I'd like the listing below copied exactly, with the images left out.
*** Opening of ENTRIES PROVIDED ***
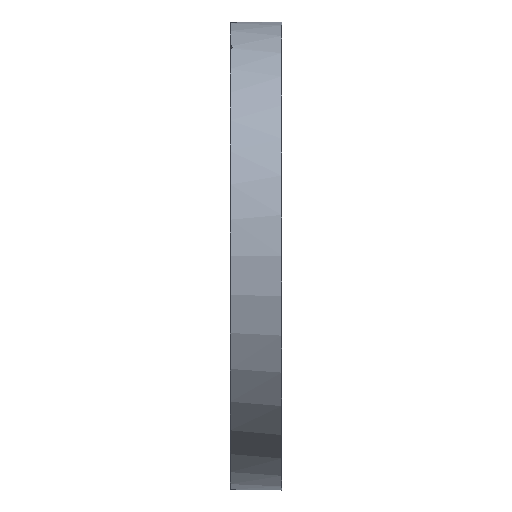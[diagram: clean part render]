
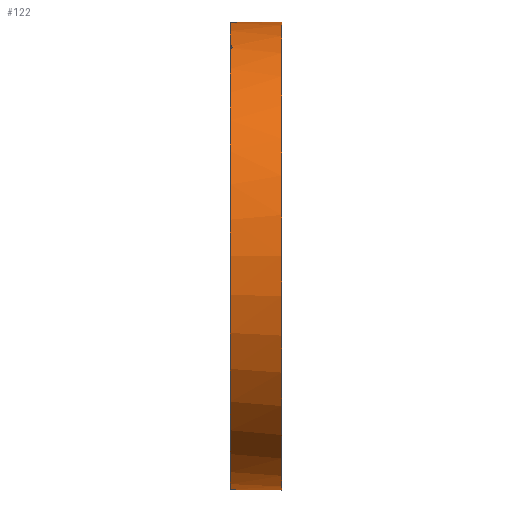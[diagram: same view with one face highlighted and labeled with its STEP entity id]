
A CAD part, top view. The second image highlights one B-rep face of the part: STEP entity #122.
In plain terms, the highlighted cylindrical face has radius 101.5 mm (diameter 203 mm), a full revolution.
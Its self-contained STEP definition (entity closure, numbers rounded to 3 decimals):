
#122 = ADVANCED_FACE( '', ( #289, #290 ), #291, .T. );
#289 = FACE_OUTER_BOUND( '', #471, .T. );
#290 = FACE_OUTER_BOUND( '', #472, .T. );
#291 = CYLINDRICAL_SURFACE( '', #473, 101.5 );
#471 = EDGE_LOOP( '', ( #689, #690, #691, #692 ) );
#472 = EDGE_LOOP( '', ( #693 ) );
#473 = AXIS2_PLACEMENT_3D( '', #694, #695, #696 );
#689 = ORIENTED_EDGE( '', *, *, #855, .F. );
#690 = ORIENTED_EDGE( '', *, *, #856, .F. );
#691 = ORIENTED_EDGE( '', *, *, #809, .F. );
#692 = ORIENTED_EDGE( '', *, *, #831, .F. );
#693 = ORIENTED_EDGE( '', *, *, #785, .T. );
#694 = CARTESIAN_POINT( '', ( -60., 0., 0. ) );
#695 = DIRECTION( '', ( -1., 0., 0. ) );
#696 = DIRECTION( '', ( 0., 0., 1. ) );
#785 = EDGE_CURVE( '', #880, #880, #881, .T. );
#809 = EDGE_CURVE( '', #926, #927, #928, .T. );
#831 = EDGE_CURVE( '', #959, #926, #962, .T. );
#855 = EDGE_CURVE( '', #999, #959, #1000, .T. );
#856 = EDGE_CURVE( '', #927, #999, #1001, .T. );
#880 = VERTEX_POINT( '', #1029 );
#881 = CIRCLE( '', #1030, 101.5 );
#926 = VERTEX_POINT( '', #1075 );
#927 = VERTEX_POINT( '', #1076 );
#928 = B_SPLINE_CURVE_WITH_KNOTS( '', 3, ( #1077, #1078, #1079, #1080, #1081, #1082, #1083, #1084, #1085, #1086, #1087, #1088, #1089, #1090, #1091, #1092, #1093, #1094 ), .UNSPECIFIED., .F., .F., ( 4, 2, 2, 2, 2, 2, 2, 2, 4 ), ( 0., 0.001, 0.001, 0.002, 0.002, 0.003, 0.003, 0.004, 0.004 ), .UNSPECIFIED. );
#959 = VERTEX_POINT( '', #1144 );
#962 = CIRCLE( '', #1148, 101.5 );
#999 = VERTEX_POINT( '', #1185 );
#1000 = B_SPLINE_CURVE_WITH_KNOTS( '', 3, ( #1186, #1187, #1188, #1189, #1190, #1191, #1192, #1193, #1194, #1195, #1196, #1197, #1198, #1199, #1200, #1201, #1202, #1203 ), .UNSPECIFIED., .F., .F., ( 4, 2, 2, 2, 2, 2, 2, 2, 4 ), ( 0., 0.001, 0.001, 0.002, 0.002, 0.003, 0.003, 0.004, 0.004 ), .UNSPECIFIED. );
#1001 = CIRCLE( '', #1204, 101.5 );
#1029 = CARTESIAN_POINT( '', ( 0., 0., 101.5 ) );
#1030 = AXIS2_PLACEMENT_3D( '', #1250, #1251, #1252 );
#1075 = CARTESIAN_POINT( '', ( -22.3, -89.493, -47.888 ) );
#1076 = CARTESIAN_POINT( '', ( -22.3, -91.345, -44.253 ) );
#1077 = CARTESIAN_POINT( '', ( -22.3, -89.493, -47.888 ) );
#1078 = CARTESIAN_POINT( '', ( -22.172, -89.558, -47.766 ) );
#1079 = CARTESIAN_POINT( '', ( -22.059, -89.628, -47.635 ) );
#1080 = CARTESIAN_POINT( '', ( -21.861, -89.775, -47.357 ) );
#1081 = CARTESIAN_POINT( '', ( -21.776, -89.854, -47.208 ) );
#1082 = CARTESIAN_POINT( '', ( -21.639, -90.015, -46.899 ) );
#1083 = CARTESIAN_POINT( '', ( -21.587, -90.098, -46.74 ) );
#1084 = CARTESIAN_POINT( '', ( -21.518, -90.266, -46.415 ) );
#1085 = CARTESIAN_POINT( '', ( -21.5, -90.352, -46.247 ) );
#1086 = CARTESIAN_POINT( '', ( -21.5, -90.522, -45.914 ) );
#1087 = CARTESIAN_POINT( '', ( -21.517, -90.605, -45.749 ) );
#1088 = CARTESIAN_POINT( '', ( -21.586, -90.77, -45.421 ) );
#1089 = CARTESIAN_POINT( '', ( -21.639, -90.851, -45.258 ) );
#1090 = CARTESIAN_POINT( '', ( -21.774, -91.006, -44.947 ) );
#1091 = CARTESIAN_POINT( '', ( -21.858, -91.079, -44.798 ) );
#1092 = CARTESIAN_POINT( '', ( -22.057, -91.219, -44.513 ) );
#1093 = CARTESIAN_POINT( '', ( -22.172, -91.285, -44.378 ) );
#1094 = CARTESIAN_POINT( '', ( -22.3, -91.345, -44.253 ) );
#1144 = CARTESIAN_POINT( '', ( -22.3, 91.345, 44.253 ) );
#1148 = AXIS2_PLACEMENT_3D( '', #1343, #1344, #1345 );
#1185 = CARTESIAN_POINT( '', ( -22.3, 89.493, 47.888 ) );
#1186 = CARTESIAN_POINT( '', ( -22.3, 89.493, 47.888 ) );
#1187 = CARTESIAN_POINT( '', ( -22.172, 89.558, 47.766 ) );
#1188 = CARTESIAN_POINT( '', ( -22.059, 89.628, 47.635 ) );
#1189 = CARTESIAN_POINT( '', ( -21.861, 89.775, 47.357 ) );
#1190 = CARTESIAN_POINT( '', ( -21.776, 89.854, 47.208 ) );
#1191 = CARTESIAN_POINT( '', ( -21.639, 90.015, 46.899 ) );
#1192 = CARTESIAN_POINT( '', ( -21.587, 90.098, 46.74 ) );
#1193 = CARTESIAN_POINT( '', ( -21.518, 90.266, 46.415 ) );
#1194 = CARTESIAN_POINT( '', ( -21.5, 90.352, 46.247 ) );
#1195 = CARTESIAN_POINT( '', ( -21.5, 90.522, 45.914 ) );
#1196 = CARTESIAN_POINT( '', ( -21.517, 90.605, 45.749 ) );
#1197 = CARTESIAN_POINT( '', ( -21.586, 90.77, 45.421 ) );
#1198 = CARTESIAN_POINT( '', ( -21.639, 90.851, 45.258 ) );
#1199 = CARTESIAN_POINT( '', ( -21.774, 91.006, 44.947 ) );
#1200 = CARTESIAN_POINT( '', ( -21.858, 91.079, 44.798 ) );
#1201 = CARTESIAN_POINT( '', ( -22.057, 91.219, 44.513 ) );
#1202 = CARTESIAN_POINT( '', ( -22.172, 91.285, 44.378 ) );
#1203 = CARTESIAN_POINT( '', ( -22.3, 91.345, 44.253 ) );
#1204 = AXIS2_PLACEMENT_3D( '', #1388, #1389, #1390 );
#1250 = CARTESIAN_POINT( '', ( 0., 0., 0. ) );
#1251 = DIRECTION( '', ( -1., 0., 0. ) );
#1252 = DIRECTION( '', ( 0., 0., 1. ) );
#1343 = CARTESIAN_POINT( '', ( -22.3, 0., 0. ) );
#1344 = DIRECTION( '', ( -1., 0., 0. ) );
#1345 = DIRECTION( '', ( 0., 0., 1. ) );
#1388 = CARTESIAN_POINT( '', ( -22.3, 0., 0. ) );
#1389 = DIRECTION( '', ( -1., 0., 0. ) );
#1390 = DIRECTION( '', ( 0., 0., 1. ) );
*** Close of ENTRIES PROVIDED ***
## TASK ANSWER
[diagram: clean part render]
[diagram: same view with one face highlighted and labeled with its STEP entity id]
A CAD part, top view. The second image highlights one B-rep face of the part: STEP entity #122.
In plain terms, the highlighted cylindrical face has radius 101.5 mm (diameter 203 mm), a full revolution.
Its self-contained STEP definition (entity closure, numbers rounded to 3 decimals):
#122 = ADVANCED_FACE( '', ( #289, #290 ), #291, .T. );
#289 = FACE_OUTER_BOUND( '', #471, .T. );
#290 = FACE_OUTER_BOUND( '', #472, .T. );
#291 = CYLINDRICAL_SURFACE( '', #473, 101.5 );
#471 = EDGE_LOOP( '', ( #689, #690, #691, #692 ) );
#472 = EDGE_LOOP( '', ( #693 ) );
#473 = AXIS2_PLACEMENT_3D( '', #694, #695, #696 );
#689 = ORIENTED_EDGE( '', *, *, #855, .F. );
#690 = ORIENTED_EDGE( '', *, *, #856, .F. );
#691 = ORIENTED_EDGE( '', *, *, #809, .F. );
#692 = ORIENTED_EDGE( '', *, *, #831, .F. );
#693 = ORIENTED_EDGE( '', *, *, #785, .T. );
#694 = CARTESIAN_POINT( '', ( -60., 0., 0. ) );
#695 = DIRECTION( '', ( -1., 0., 0. ) );
#696 = DIRECTION( '', ( 0., 0., 1. ) );
#785 = EDGE_CURVE( '', #880, #880, #881, .T. );
#809 = EDGE_CURVE( '', #926, #927, #928, .T. );
#831 = EDGE_CURVE( '', #959, #926, #962, .T. );
#855 = EDGE_CURVE( '', #999, #959, #1000, .T. );
#856 = EDGE_CURVE( '', #927, #999, #1001, .T. );
#880 = VERTEX_POINT( '', #1029 );
#881 = CIRCLE( '', #1030, 101.5 );
#926 = VERTEX_POINT( '', #1075 );
#927 = VERTEX_POINT( '', #1076 );
#928 = B_SPLINE_CURVE_WITH_KNOTS( '', 3, ( #1077, #1078, #1079, #1080, #1081, #1082, #1083, #1084, #1085, #1086, #1087, #1088, #1089, #1090, #1091, #1092, #1093, #1094 ), .UNSPECIFIED., .F., .F., ( 4, 2, 2, 2, 2, 2, 2, 2, 4 ), ( 0., 0.001, 0.001, 0.002, 0.002, 0.003, 0.003, 0.004, 0.004 ), .UNSPECIFIED. );
#959 = VERTEX_POINT( '', #1144 );
#962 = CIRCLE( '', #1148, 101.5 );
#999 = VERTEX_POINT( '', #1185 );
#1000 = B_SPLINE_CURVE_WITH_KNOTS( '', 3, ( #1186, #1187, #1188, #1189, #1190, #1191, #1192, #1193, #1194, #1195, #1196, #1197, #1198, #1199, #1200, #1201, #1202, #1203 ), .UNSPECIFIED., .F., .F., ( 4, 2, 2, 2, 2, 2, 2, 2, 4 ), ( 0., 0.001, 0.001, 0.002, 0.002, 0.003, 0.003, 0.004, 0.004 ), .UNSPECIFIED. );
#1001 = CIRCLE( '', #1204, 101.5 );
#1029 = CARTESIAN_POINT( '', ( 0., 0., 101.5 ) );
#1030 = AXIS2_PLACEMENT_3D( '', #1250, #1251, #1252 );
#1075 = CARTESIAN_POINT( '', ( -22.3, -89.493, -47.888 ) );
#1076 = CARTESIAN_POINT( '', ( -22.3, -91.345, -44.253 ) );
#1077 = CARTESIAN_POINT( '', ( -22.3, -89.493, -47.888 ) );
#1078 = CARTESIAN_POINT( '', ( -22.172, -89.558, -47.766 ) );
#1079 = CARTESIAN_POINT( '', ( -22.059, -89.628, -47.635 ) );
#1080 = CARTESIAN_POINT( '', ( -21.861, -89.775, -47.357 ) );
#1081 = CARTESIAN_POINT( '', ( -21.776, -89.854, -47.208 ) );
#1082 = CARTESIAN_POINT( '', ( -21.639, -90.015, -46.899 ) );
#1083 = CARTESIAN_POINT( '', ( -21.587, -90.098, -46.74 ) );
#1084 = CARTESIAN_POINT( '', ( -21.518, -90.266, -46.415 ) );
#1085 = CARTESIAN_POINT( '', ( -21.5, -90.352, -46.247 ) );
#1086 = CARTESIAN_POINT( '', ( -21.5, -90.522, -45.914 ) );
#1087 = CARTESIAN_POINT( '', ( -21.517, -90.605, -45.749 ) );
#1088 = CARTESIAN_POINT( '', ( -21.586, -90.77, -45.421 ) );
#1089 = CARTESIAN_POINT( '', ( -21.639, -90.851, -45.258 ) );
#1090 = CARTESIAN_POINT( '', ( -21.774, -91.006, -44.947 ) );
#1091 = CARTESIAN_POINT( '', ( -21.858, -91.079, -44.798 ) );
#1092 = CARTESIAN_POINT( '', ( -22.057, -91.219, -44.513 ) );
#1093 = CARTESIAN_POINT( '', ( -22.172, -91.285, -44.378 ) );
#1094 = CARTESIAN_POINT( '', ( -22.3, -91.345, -44.253 ) );
#1144 = CARTESIAN_POINT( '', ( -22.3, 91.345, 44.253 ) );
#1148 = AXIS2_PLACEMENT_3D( '', #1343, #1344, #1345 );
#1185 = CARTESIAN_POINT( '', ( -22.3, 89.493, 47.888 ) );
#1186 = CARTESIAN_POINT( '', ( -22.3, 89.493, 47.888 ) );
#1187 = CARTESIAN_POINT( '', ( -22.172, 89.558, 47.766 ) );
#1188 = CARTESIAN_POINT( '', ( -22.059, 89.628, 47.635 ) );
#1189 = CARTESIAN_POINT( '', ( -21.861, 89.775, 47.357 ) );
#1190 = CARTESIAN_POINT( '', ( -21.776, 89.854, 47.208 ) );
#1191 = CARTESIAN_POINT( '', ( -21.639, 90.015, 46.899 ) );
#1192 = CARTESIAN_POINT( '', ( -21.587, 90.098, 46.74 ) );
#1193 = CARTESIAN_POINT( '', ( -21.518, 90.266, 46.415 ) );
#1194 = CARTESIAN_POINT( '', ( -21.5, 90.352, 46.247 ) );
#1195 = CARTESIAN_POINT( '', ( -21.5, 90.522, 45.914 ) );
#1196 = CARTESIAN_POINT( '', ( -21.517, 90.605, 45.749 ) );
#1197 = CARTESIAN_POINT( '', ( -21.586, 90.77, 45.421 ) );
#1198 = CARTESIAN_POINT( '', ( -21.639, 90.851, 45.258 ) );
#1199 = CARTESIAN_POINT( '', ( -21.774, 91.006, 44.947 ) );
#1200 = CARTESIAN_POINT( '', ( -21.858, 91.079, 44.798 ) );
#1201 = CARTESIAN_POINT( '', ( -22.057, 91.219, 44.513 ) );
#1202 = CARTESIAN_POINT( '', ( -22.172, 91.285, 44.378 ) );
#1203 = CARTESIAN_POINT( '', ( -22.3, 91.345, 44.253 ) );
#1204 = AXIS2_PLACEMENT_3D( '', #1388, #1389, #1390 );
#1250 = CARTESIAN_POINT( '', ( 0., 0., 0. ) );
#1251 = DIRECTION( '', ( -1., 0., 0. ) );
#1252 = DIRECTION( '', ( 0., 0., 1. ) );
#1343 = CARTESIAN_POINT( '', ( -22.3, 0., 0. ) );
#1344 = DIRECTION( '', ( -1., 0., 0. ) );
#1345 = DIRECTION( '', ( 0., 0., 1. ) );
#1388 = CARTESIAN_POINT( '', ( -22.3, 0., 0. ) );
#1389 = DIRECTION( '', ( -1., 0., 0. ) );
#1390 = DIRECTION( '', ( 0., 0., 1. ) );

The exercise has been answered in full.